Patty and her husband work out the resentment and guilt they've long felt over their child's death with one big cry. Of course, one can't blame them for reconciling. With friends as oblivious to their pain as theirs are, these two really need each other!

In short, with all the couples stumbling their way to a false harmony, the last hour of the film feels like two.

The only moment I wanted to cheer in the movie was when Sheila's new love interest, Troy, avoided a cliche "I think you're beautiful just the way you are," line and instead told her, "If you don't like the way you look, then change it. Stop putting yourself down. It's not attractive and it makes me uncomfortable for you." While Sheila's ultimate transformation didn't really prove that change can only come from within, Troy's surprisingly candid words were at least helpful for viewers who were tired of seeing Sheila weep.

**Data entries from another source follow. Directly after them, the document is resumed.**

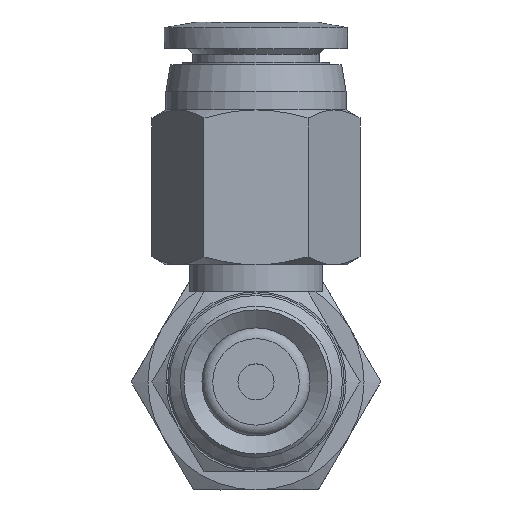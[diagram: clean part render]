
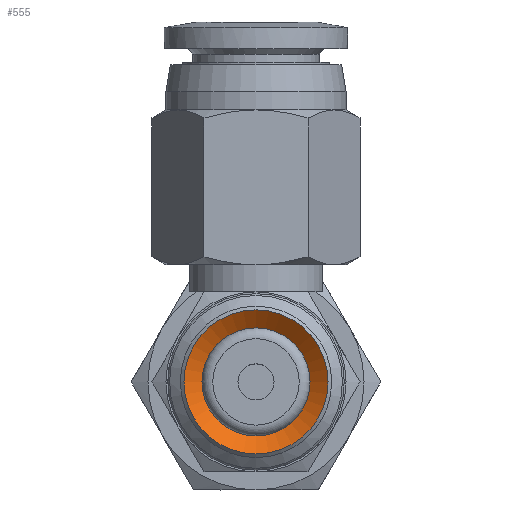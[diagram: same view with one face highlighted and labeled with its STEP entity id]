
A CAD part, front view. The second image highlights one B-rep face of the part: STEP entity #555.
In plain terms, the highlighted conical face has half-angle 52 degrees and reference radius 3 mm.
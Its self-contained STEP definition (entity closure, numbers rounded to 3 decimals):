
#555=ADVANCED_FACE('',(#858,#859),#860,.F.);
#858=FACE_BOUND('',#1260,.T.);
#859=FACE_OUTER_BOUND('',#1261,.T.);
#860=CONICAL_SURFACE('',#1262,3.0,0.908);
#1260=EDGE_LOOP('',(#2324));
#1261=EDGE_LOOP('',(#2325));
#1262=AXIS2_PLACEMENT_3D('',#2326,#2327,#2328);
#2324=ORIENTED_EDGE('',*,*,#2893,.F.);
#2325=ORIENTED_EDGE('',*,*,#2892,.T.);
#2326=CARTESIAN_POINT('',(0.0,7.741,0.));
#2327=DIRECTION('',(-0.0,-1.0,0.));
#2328=DIRECTION('',(0.0,0.,-1.0));
#2892=EDGE_CURVE('',#3316,#3316,#3317,.T.);
#2893=EDGE_CURVE('',#3318,#3318,#3319,.T.);
#3316=VERTEX_POINT('',#4236);
#3317=CIRCLE('',#4237,4.0);
#3318=VERTEX_POINT('',#4238);
#3319=CIRCLE('',#4239,3.0);
#4236=CARTESIAN_POINT('',(0.0,6.96,-4.0));
#4237=AXIS2_PLACEMENT_3D('',#4992,#4993,#4994);
#4238=CARTESIAN_POINT('',(0.0,7.741,-3.0));
#4239=AXIS2_PLACEMENT_3D('',#4995,#4996,#4997);
#4992=CARTESIAN_POINT('',(0.0,6.96,0.0));
#4993=DIRECTION('',(0.0,-1.0,0.));
#4994=DIRECTION('',(0.0,0.,-1.0));
#4995=CARTESIAN_POINT('',(0.0,7.741,0.));
#4996=DIRECTION('',(0.0,-1.0,0.));
#4997=DIRECTION('',(0.0,0.,-1.0));

I've seen Perry lauded for his unique blend of madness and message, but here I find the mix clumsy and unsettling. Tragic twists are handled with a comic lightness that insults any viewer who has bothered to care about these people.

I think Tyler Perry was reaching for The Big Chill with this movie and he succeeded: it is a big chill.

It's not a bad film. It's just more mediocre than I would have guessed from the above-average reviews. If this is one of Tyler Perry's best, I can only be relieved about the other bullets I've clearly dodged.